### INSTRUCTIONS TO FOLLOW
Your answer should be only the lines below from the one with "GND: C1.2 C2.2" to the one with "Not connected (*", repeated exactly, ends included.

(Extracted data entries)
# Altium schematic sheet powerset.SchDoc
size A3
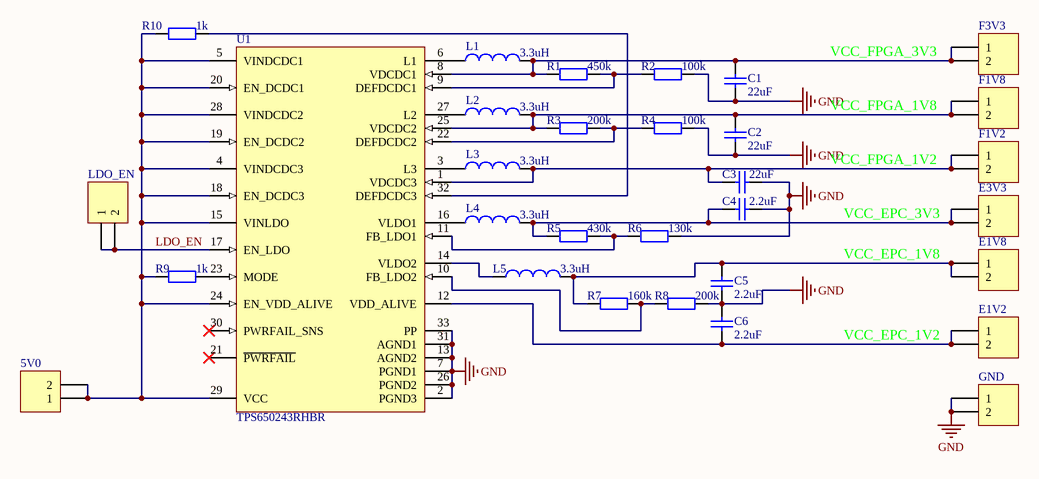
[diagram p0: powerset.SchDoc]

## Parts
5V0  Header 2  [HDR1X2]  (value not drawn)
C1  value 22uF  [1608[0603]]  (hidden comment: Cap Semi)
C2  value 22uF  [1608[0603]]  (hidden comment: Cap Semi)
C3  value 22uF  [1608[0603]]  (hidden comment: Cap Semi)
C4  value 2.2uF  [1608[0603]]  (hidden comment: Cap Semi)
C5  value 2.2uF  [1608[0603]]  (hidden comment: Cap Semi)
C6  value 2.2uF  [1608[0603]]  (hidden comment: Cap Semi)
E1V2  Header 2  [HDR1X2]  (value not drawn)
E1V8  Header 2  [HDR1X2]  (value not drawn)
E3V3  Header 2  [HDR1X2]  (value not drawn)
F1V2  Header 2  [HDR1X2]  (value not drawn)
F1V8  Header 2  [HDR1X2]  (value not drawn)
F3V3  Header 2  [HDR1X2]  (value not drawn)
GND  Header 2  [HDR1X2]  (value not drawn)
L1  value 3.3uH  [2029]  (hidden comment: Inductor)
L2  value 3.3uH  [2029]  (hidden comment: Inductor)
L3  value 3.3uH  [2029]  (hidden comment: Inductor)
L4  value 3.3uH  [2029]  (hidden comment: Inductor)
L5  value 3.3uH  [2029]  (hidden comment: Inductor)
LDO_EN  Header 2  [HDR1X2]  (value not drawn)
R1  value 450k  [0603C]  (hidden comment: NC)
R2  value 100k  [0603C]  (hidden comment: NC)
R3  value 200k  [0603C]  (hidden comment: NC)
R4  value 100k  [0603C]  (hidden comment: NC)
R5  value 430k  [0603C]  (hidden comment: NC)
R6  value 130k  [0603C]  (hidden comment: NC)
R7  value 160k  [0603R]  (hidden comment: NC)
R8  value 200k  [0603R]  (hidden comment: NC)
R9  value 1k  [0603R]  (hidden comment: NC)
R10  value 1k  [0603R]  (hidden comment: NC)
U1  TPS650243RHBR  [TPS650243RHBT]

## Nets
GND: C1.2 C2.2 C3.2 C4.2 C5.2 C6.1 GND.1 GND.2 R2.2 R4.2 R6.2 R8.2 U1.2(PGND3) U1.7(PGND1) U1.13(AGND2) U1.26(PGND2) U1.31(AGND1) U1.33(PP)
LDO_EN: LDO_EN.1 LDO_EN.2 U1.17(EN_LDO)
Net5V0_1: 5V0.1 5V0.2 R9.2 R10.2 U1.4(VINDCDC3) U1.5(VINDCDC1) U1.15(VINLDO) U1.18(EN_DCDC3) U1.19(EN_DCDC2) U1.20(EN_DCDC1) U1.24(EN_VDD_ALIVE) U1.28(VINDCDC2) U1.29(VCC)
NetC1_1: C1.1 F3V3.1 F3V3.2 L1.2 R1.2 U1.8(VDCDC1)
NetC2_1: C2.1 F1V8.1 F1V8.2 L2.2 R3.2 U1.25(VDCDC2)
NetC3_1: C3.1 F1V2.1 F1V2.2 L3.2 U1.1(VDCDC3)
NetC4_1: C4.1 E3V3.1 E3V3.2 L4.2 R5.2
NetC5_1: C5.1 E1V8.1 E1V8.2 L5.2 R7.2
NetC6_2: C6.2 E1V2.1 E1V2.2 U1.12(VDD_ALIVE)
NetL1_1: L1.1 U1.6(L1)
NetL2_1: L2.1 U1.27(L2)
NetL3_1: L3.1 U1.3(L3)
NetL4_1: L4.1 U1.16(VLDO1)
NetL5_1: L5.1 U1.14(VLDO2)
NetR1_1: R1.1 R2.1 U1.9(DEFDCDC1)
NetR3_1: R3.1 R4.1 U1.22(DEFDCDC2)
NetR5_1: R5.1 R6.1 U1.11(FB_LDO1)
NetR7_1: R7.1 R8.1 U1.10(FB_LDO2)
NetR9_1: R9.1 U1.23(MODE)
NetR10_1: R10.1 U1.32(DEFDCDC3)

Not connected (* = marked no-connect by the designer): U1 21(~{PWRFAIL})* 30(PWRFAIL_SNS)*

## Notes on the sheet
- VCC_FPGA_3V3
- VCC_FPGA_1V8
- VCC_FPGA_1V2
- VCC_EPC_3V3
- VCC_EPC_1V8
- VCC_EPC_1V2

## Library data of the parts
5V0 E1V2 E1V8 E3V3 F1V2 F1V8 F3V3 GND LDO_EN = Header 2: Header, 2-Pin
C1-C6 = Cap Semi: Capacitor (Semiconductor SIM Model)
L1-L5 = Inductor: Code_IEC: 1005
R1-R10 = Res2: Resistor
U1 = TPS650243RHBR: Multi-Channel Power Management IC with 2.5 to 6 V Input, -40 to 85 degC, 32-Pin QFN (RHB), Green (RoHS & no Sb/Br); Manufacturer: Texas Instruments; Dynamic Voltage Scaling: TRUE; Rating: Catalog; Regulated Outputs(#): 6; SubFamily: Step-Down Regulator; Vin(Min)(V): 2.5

### EXERCISE OUTPUT
GND: C1.2 C2.2 C3.2 C4.2 C5.2 C6.1 GND.1 GND.2 R2.2 R4.2 R6.2 R8.2 U1.2(PGND3) U1.7(PGND1) U1.13(AGND2) U1.26(PGND2) U1.31(AGND1) U1.33(PP)
LDO_EN: LDO_EN.1 LDO_EN.2 U1.17(EN_LDO)
Net5V0_1: 5V0.1 5V0.2 R9.2 R10.2 U1.4(VINDCDC3) U1.5(VINDCDC1) U1.15(VINLDO) U1.18(EN_DCDC3) U1.19(EN_DCDC2) U1.20(EN_DCDC1) U1.24(EN_VDD_ALIVE) U1.28(VINDCDC2) U1.29(VCC)
NetC1_1: C1.1 F3V3.1 F3V3.2 L1.2 R1.2 U1.8(VDCDC1)
NetC2_1: C2.1 F1V8.1 F1V8.2 L2.2 R3.2 U1.25(VDCDC2)
NetC3_1: C3.1 F1V2.1 F1V2.2 L3.2 U1.1(VDCDC3)
NetC4_1: C4.1 E3V3.1 E3V3.2 L4.2 R5.2
NetC5_1: C5.1 E1V8.1 E1V8.2 L5.2 R7.2
NetC6_2: C6.2 E1V2.1 E1V2.2 U1.12(VDD_ALIVE)
NetL1_1: L1.1 U1.6(L1)
NetL2_1: L2.1 U1.27(L2)
NetL3_1: L3.1 U1.3(L3)
NetL4_1: L4.1 U1.16(VLDO1)
NetL5_1: L5.1 U1.14(VLDO2)
NetR1_1: R1.1 R2.1 U1.9(DEFDCDC1)
NetR3_1: R3.1 R4.1 U1.22(DEFDCDC2)
NetR5_1: R5.1 R6.1 U1.11(FB_LDO1)
NetR7_1: R7.1 R8.1 U1.10(FB_LDO2)
NetR9_1: R9.1 U1.23(MODE)
NetR10_1: R10.1 U1.32(DEFDCDC3)

Not connected (* = marked no-connect by the designer): U1 21(~{PWRFAIL})* 30(PWRFAIL_SNS)*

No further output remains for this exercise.